My fascination with flipbooks continues. For an interesting read about Yemen just over a century ago, check out the flipbook version of Walter Harris’s travel account. This has a number of illustrations, as illustrated above.
Among his exploits, Harris obtained an interview with the Sultan of Lahj at the time. Here is his description of the trial of smoking a hubble bubble:
The hubble-bubble was a sore trial. I was gradually, under the guidance of Said, learning to inhale it; but to have constantly to fill my lungs with the strong smoke was by no means a pleasant task to a novice like myself. The inhaling, even through water, of the tobacco used in these pipes is by no means a thing one can easily accustom one’s self to, and for a long time a whiff too many will bring on giddiness. However, so attentive was the Sultan in handing me the amber mouthpiece that I stuck bravely to the task, although by the time I left I felt a sensation of incipient mal de mer in a rocking-chair or the car of a balloon. As much of the smoke seems to go to the brain as does into the lungs. What with the pipe and the hat, and the declining of Arabic irregular verbs in a dialect I scarcely knew, I was not sorry when, after an hour or so of conversation and agony, I was allowed to leave.

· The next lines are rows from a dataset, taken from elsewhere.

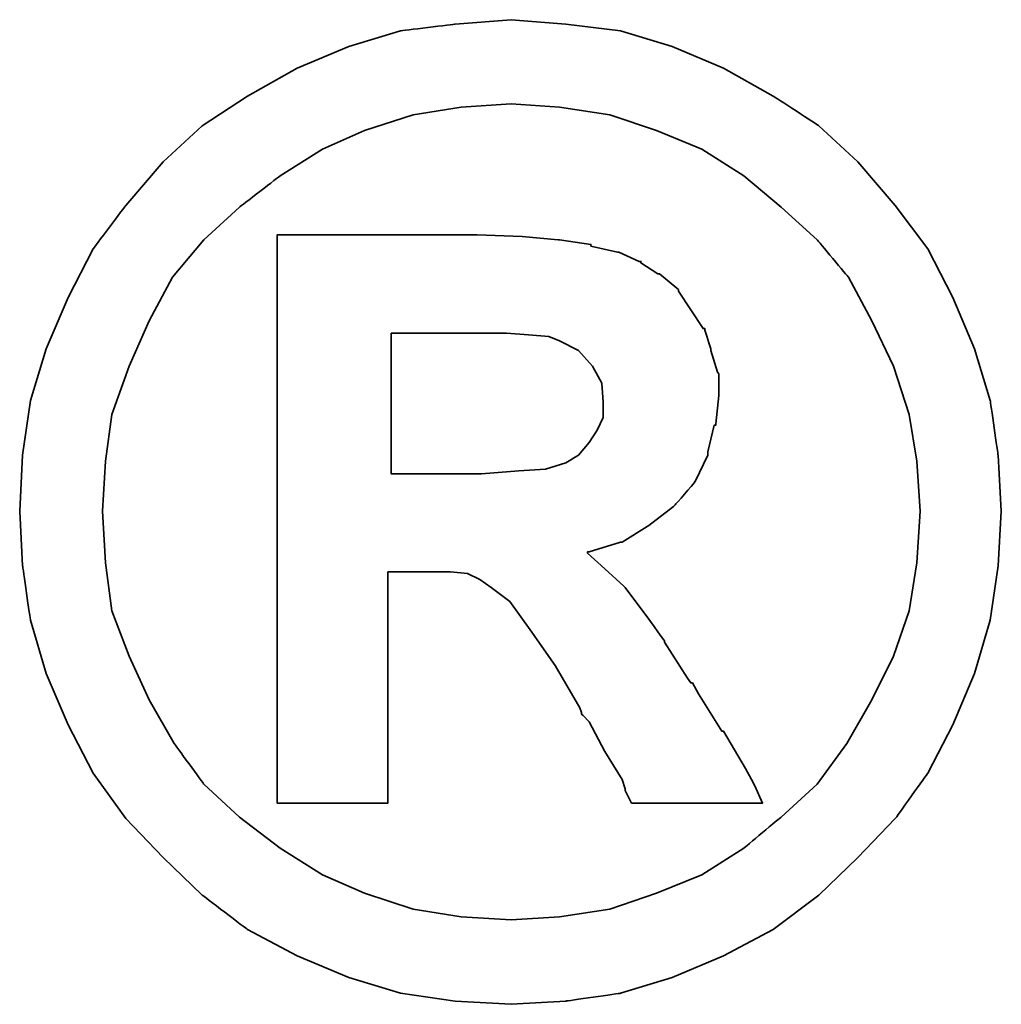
# Model space of a CAD drawing. Header units: millimetres. Extents: x 458 to 842, y 132 to 270.
# Tile 43 of 46: x 771 to 772.64, y 178.76 to 180.4. Entities that reach past the tile are written whole.
import ezdxf

# ---------------------------------------------------------------- set-up
doc = ezdxf.new("R2010")
doc.units = ezdxf.units.MM
doc.layers.add('DIM', color=4, linetype='CONTINUOUS')
doc.layers.add('layer 1', color=7, linetype='CONTINUOUS')

# ---------------------------------------------------------------- blocks, each defined once
blk = doc.blocks.new('TBI MOTION logo(完整正式版)')
at = {"layer": 'layer 1', "color": 22, "lineweight": 35}
for points, knots in [([(81.20634, 4.98624), (81.20634, 4.98624), (81.18649, 5.32862), (81.18649, 5.32862), (81.18649, 5.32862), (81.18649, 5.32862), (81.13886, 5.66206), (81.13886, 5.66206), (81.13886, 5.66206), (81.13886, 5.66206), (81.04359, 5.97764), (81.04359, 5.97764), (81.04359, 5.97764), (81.04359, 5.97764), (80.91061, 6.29124), (80.91061, 6.29124), (80.91061, 6.29124), (80.91061, 6.29124), (80.75778, 6.58697), (80.75778, 6.58697), (80.75778, 6.58697), (80.75778, 6.58697), (80.5593, 6.85294), (80.5593, 6.85294), (80.5593, 6.85294), (80.5593, 6.85294), (80.33105, 7.1189), (80.33105, 7.1189), (80.33105, 7.1189), (80.33105, 7.1189), (80.09287, 7.33921), (80.09287, 7.33921), (80.09287, 7.33921), (80.09287, 7.33921), (79.815, 7.51982), (79.815, 7.51982), (79.815, 7.51982), (79.815, 7.51982), (79.51133, 7.69051), (79.51133, 7.69051), (79.51133, 7.69051), (79.51133, 7.69051), (79.19773, 7.8235), (79.19773, 7.8235), (79.19773, 7.8235), (79.19773, 7.8235), (78.88215, 7.91877), (78.88215, 7.91877), (78.88215, 7.91877), (78.88215, 7.91877), (78.54871, 7.95846), (78.54871, 7.95846), (78.54871, 7.95846), (78.54871, 7.95846), (78.21526, 7.98625), (78.21526, 7.98625), (78.21526, 7.98625), (78.21526, 7.98625), (77.87388, 7.95846), (77.87388, 7.95846), (77.87388, 7.95846), (77.87388, 7.95846), (77.54044, 7.91877), (77.54044, 7.91877), (77.54044, 7.91877), (77.54044, 7.91877), (77.22485, 7.8235), (77.22485, 7.8235), (77.22485, 7.8235), (77.22485, 7.8235), (76.91027, 7.69051), (76.91027, 7.69051), (76.91027, 7.69051), (76.91027, 7.69051), (76.6056, 7.51982), (76.6056, 7.51982), (76.6056, 7.51982), (76.6056, 7.51982), (76.32972, 7.33921), (76.32972, 7.33921), (76.32972, 7.33921), (76.32972, 7.33921), (76.09154, 7.1189), (76.09154, 7.1189), (76.09154, 7.1189), (76.09154, 7.1189), (75.86329, 6.85294), (75.86329, 6.85294), (75.86329, 6.85294), (75.86329, 6.85294), (75.66382, 6.58697), (75.66382, 6.58697), (75.66382, 6.58697), (75.66382, 6.58697), (75.51099, 6.29124), (75.51099, 6.29124), (75.51099, 6.29124), (75.51099, 6.29124), (75.37702, 5.97764), (75.37702, 5.97764), (75.37702, 5.97764), (75.37702, 5.97764), (75.28175, 5.66206), (75.28175, 5.66206), (75.28175, 5.66206), (75.28175, 5.66206), (75.23411, 5.32862), (75.23411, 5.32862), (75.23411, 5.32862), (75.23411, 5.32862), (75.21625, 4.98624), (75.21625, 4.98624), (75.21625, 4.98624), (75.21625, 4.98624), (75.23411, 4.6528), (75.23411, 4.6528), (75.23411, 4.6528), (75.23411, 4.6528), (75.28175, 4.32035), (75.28175, 4.32035), (75.28175, 4.32035), (75.28175, 4.32035), (75.37702, 3.99583), (75.37702, 3.99583), (75.37702, 3.99583), (75.37702, 3.99583), (75.51099, 3.68224), (75.51099, 3.68224), (75.51099, 3.68224), (75.51099, 3.68224), (75.66382, 3.38749), (75.66382, 3.38749), (75.66382, 3.38749), (75.66382, 3.38749), (75.86329, 3.10963), (75.86329, 3.10963), (75.86329, 3.10963), (75.86329, 3.10963), (76.09154, 2.87145), (76.09154, 2.87145), (76.09154, 2.87145), (76.09154, 2.87145), (76.32972, 2.6432), (76.32972, 2.6432), (76.32972, 2.6432), (76.32972, 2.6432), (76.6056, 2.43381), (76.6056, 2.43381), (76.6056, 2.43381), (76.6056, 2.43381), (76.91027, 2.27205), (76.91027, 2.27205), (76.91027, 2.27205), (76.91027, 2.27205), (77.22485, 2.13906), (77.22485, 2.13906), (77.22485, 2.13906), (77.22485, 2.13906), (77.54044, 2.0438), (77.54044, 2.0438), (77.54044, 2.0438), (77.54044, 2.0438), (77.87388, 1.99616), (77.87388, 1.99616), (77.87388, 1.99616), (77.87388, 1.99616), (78.21526, 1.97631), (78.21526, 1.97631), (78.21526, 1.97631), (78.21526, 1.97631), (78.54871, 1.99616), (78.54871, 1.99616), (78.54871, 1.99616), (78.54871, 1.99616), (78.88215, 2.0438), (78.88215, 2.0438), (78.88215, 2.0438), (78.88215, 2.0438), (79.19773, 2.13906), (79.19773, 2.13906), (79.19773, 2.13906), (79.19773, 2.13906), (79.51133, 2.27205), (79.51133, 2.27205), (79.51133, 2.27205), (79.51133, 2.27205), (79.815, 2.43381), (79.815, 2.43381), (79.815, 2.43381), (79.815, 2.43381), (80.09287, 2.6432), (80.09287, 2.6432), (80.09287, 2.6432), (80.09287, 2.6432), (80.33105, 2.87145), (80.33105, 2.87145), (80.33105, 2.87145), (80.33105, 2.87145), (80.5593, 3.10963), (80.5593, 3.10963), (80.5593, 3.10963), (80.5593, 3.10963), (80.75778, 3.38749), (80.75778, 3.38749), (80.75778, 3.38749), (80.75778, 3.38749), (80.91061, 3.68224), (80.91061, 3.68224), (80.91061, 3.68224), (80.91061, 3.68224), (81.04359, 3.99583), (81.04359, 3.99583), (81.04359, 3.99583), (81.04359, 3.99583), (81.13886, 4.32035), (81.13886, 4.32035), (81.13886, 4.32035), (81.13886, 4.32035), (81.18649, 4.6528), (81.18649, 4.6528), (81.18649, 4.6528), (81.18649, 4.6528), (81.20634, 4.98624), (81.20634, 4.98624)], [0, 0, 0, 0, 0.0178571, 0.0178571, 0.0178571, 0.0178572, 0.0357143, 0.0357143, 0.0357143, 0.0357143, 0.0535714, 0.0535714, 0.0535714, 0.0535714, 0.0714286, 0.0714286, 0.0714286, 0.0714286, 0.0892857, 0.0892857, 0.0892857, 0.0892857, 0.1071429, 0.1071429, 0.1071429, 0.1071429, 0.125, 0.125, 0.125, 0.125, 0.1428571, 0.1428571, 0.1428571, 0.1428572, 0.1607143, 0.1607143, 0.1607143, 0.1607143, 0.1785714, 0.1785714, 0.1785714, 0.1785714, 0.1964286, 0.1964286, 0.1964286, 0.1964286, 0.2142857, 0.2142857, 0.2142857, 0.2142857, 0.2321429, 0.2321429, 0.2321429, 0.2321429, 0.25, 0.25, 0.25, 0.25, 0.2678571, 0.2678571, 0.2678571, 0.2678572, 0.2857143, 0.2857143, 0.2857143, 0.2857143, 0.3035714, 0.3035714, 0.3035714, 0.3035714, 0.3214286, 0.3214286, 0.3214286, 0.3214286, 0.3392857, 0.3392857, 0.3392857, 0.3392857, 0.3571429, 0.3571429, 0.3571429, 0.3571429, 0.375, 0.375, 0.375, 0.375, 0.3928571, 0.3928571, 0.3928571, 0.3928572, 0.4107143, 0.4107143, 0.4107143, 0.4107143, 0.4285714, 0.4285714, 0.4285714, 0.4285714, 0.4464286, 0.4464286, 0.4464286, 0.4464286, 0.4642857, 0.4642857, 0.4642857, 0.4642857, 0.4821429, 0.4821429, 0.4821429, 0.4821429, 0.5, 0.5, 0.5, 0.5, 0.5178571, 0.5178571, 0.5178571, 0.5178572, 0.5357143, 0.5357143, 0.5357143, 0.5357143, 0.5535714, 0.5535714, 0.5535714, 0.5535714, 0.5714286, 0.5714286, 0.5714286, 0.5714286, 0.5892857, 0.5892857, 0.5892857, 0.5892857, 0.6071429, 0.6071429, 0.6071429, 0.6071429, 0.625, 0.625, 0.625, 0.625, 0.6428571, 0.6428571, 0.6428571, 0.6428572, 0.6607143, 0.6607143, 0.6607143, 0.6607143, 0.6785714, 0.6785714, 0.6785714, 0.6785714, 0.6964286, 0.6964286, 0.6964286, 0.6964286, 0.7142857, 0.7142857, 0.7142857, 0.7142857, 0.7321429, 0.7321429, 0.7321429, 0.7321429, 0.75, 0.75, 0.75, 0.75, 0.7678571, 0.7678571, 0.7678571, 0.7678572, 0.7857143, 0.7857143, 0.7857143, 0.7857143, 0.8035714, 0.8035714, 0.8035714, 0.8035714, 0.8214286, 0.8214286, 0.8214286, 0.8214286, 0.8392857, 0.8392857, 0.8392857, 0.8392857, 0.8571429, 0.8571429, 0.8571429, 0.8571429, 0.875, 0.875, 0.875, 0.875, 0.8928571, 0.8928571, 0.8928571, 0.8928572, 0.9107143, 0.9107143, 0.9107143, 0.9107143, 0.9285714, 0.9285714, 0.9285714, 0.9285714, 0.9464286, 0.9464286, 0.9464286, 0.9464286, 0.9642857, 0.9642857, 0.9642857, 0.9642857, 0.9821429, 0.9821429, 0.9821429, 0.9821429, 1, 1, 1, 1]), ([(80.71014, 4.98624), (80.71014, 4.98624), (80.69129, 5.29091), (80.69129, 5.29091), (80.69129, 5.29091), (80.69129, 5.29091), (80.64464, 5.57672), (80.64464, 5.57672), (80.64464, 5.57672), (80.64464, 5.57672), (80.54937, 5.87245), (80.54937, 5.87245), (80.54937, 5.87245), (80.54937, 5.87245), (80.41639, 6.14833), (80.41639, 6.14833), (80.41639, 6.14833), (80.41639, 6.14833), (80.27349, 6.41429), (80.27349, 6.41429), (80.27349, 6.41429), (80.27349, 6.41429), (80.08295, 6.64255), (80.08295, 6.64255), (80.08295, 6.64255), (80.08295, 6.64255), (79.86264, 6.84301), (79.86264, 6.84301), (79.86264, 6.84301), (79.86264, 6.84301), (79.63439, 7.03355), (79.63439, 7.03355), (79.63439, 7.03355), (79.63439, 7.03355), (79.37835, 7.1963), (79.37835, 7.1963), (79.37835, 7.1963), (79.37835, 7.1963), (79.10246, 7.30944), (79.10246, 7.30944), (79.10246, 7.30944), (79.10246, 7.30944), (78.81665, 7.40471), (78.81665, 7.40471), (78.81665, 7.40471), (78.81665, 7.40471), (78.511, 7.45234), (78.511, 7.45234), (78.511, 7.45234), (78.511, 7.45234), (78.21526, 7.47219), (78.21526, 7.47219), (78.21526, 7.47219), (78.21526, 7.47219), (77.9106, 7.45234), (77.9106, 7.45234), (77.9106, 7.45234), (77.9106, 7.45234), (77.61685, 7.40471), (77.61685, 7.40471), (77.61685, 7.40471), (77.61685, 7.40471), (77.32012, 7.30944), (77.32012, 7.30944), (77.32012, 7.30944), (77.32012, 7.30944), (77.06309, 7.1963), (77.06309, 7.1963), (77.06309, 7.1963), (77.06309, 7.1963), (76.80606, 7.03355), (76.80606, 7.03355), (76.80606, 7.03355), (76.80606, 7.03355), (76.55797, 6.84301), (76.55797, 6.84301), (76.55797, 6.84301), (76.55797, 6.84301), (76.34063, 6.64255), (76.34063, 6.64255), (76.34063, 6.64255), (76.34063, 6.64255), (76.1491, 6.41429), (76.1491, 6.41429), (76.1491, 6.41429), (76.1491, 6.41429), (76.0062, 6.14833), (76.0062, 6.14833), (76.0062, 6.14833), (76.0062, 6.14833), (75.88314, 5.87245), (75.88314, 5.87245), (75.88314, 5.87245), (75.88314, 5.87245), (75.77794, 5.57672), (75.77794, 5.57672), (75.77794, 5.57672), (75.77794, 5.57672), (75.73924, 5.29091), (75.73924, 5.29091), (75.73924, 5.29091), (75.73924, 5.29091), (75.72039, 4.98624), (75.72039, 4.98624), (75.72039, 4.98624), (75.72039, 4.98624), (75.73924, 4.67165), (75.73924, 4.67165), (75.73924, 4.67165), (75.73924, 4.67165), (75.77794, 4.37791), (75.77794, 4.37791), (75.77794, 4.37791), (75.77794, 4.37791), (75.88314, 4.10102), (75.88314, 4.10102), (75.88314, 4.10102), (75.88314, 4.10102), (76.0062, 3.83407), (76.0062, 3.83407), (76.0062, 3.83407), (76.0062, 3.83407), (76.15902, 3.56811), (76.15902, 3.56811), (76.15902, 3.56811), (76.15902, 3.56811), (76.34063, 3.32001), (76.34063, 3.32001), (76.34063, 3.32001), (76.34063, 3.32001), (76.55797, 3.11955), (76.55797, 3.11955), (76.55797, 3.11955), (76.55797, 3.11955), (76.80606, 2.92901), (76.80606, 2.92901), (76.80606, 2.92901), (76.80606, 2.92901), (77.06309, 2.76725), (77.06309, 2.76725), (77.06309, 2.76725), (77.06309, 2.76725), (77.32012, 2.65412), (77.32012, 2.65412), (77.32012, 2.65412), (77.32012, 2.65412), (77.61685, 2.55786), (77.61685, 2.55786), (77.61685, 2.55786), (77.61685, 2.55786), (77.9106, 2.51022), (77.9106, 2.51022), (77.9106, 2.51022), (77.9106, 2.51022), (78.21526, 2.49137), (78.21526, 2.49137), (78.21526, 2.49137), (78.21526, 2.49137), (78.511, 2.51022), (78.511, 2.51022), (78.511, 2.51022), (78.511, 2.51022), (78.81665, 2.55786), (78.81665, 2.55786), (78.81665, 2.55786), (78.81665, 2.55786), (79.10246, 2.65412), (79.10246, 2.65412), (79.10246, 2.65412), (79.10246, 2.65412), (79.37835, 2.76725), (79.37835, 2.76725), (79.37835, 2.76725), (79.37835, 2.76725), (79.63439, 2.92901), (79.63439, 2.92901), (79.63439, 2.92901), (79.63439, 2.92901), (79.86264, 3.11955), (79.86264, 3.11955), (79.86264, 3.11955), (79.86264, 3.11955), (80.08295, 3.32001), (80.08295, 3.32001), (80.08295, 3.32001), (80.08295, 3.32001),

Nevertheless, I had enjoyed my visit to the Sultan Ali, whom I found to be a pleasant-spoken kindly old gentleman, extremely fond of showing oflF various treasures he possesses, amongst which is a unique sword of Bagdad work, said to be eight hundred years old. Through the blade is bored a hole, which the Sultan explained to me was the mark that it had taken over a hundred lives.
From the condition of the steel it might have been made yesterday, and would be quite capable of taking a hundred more.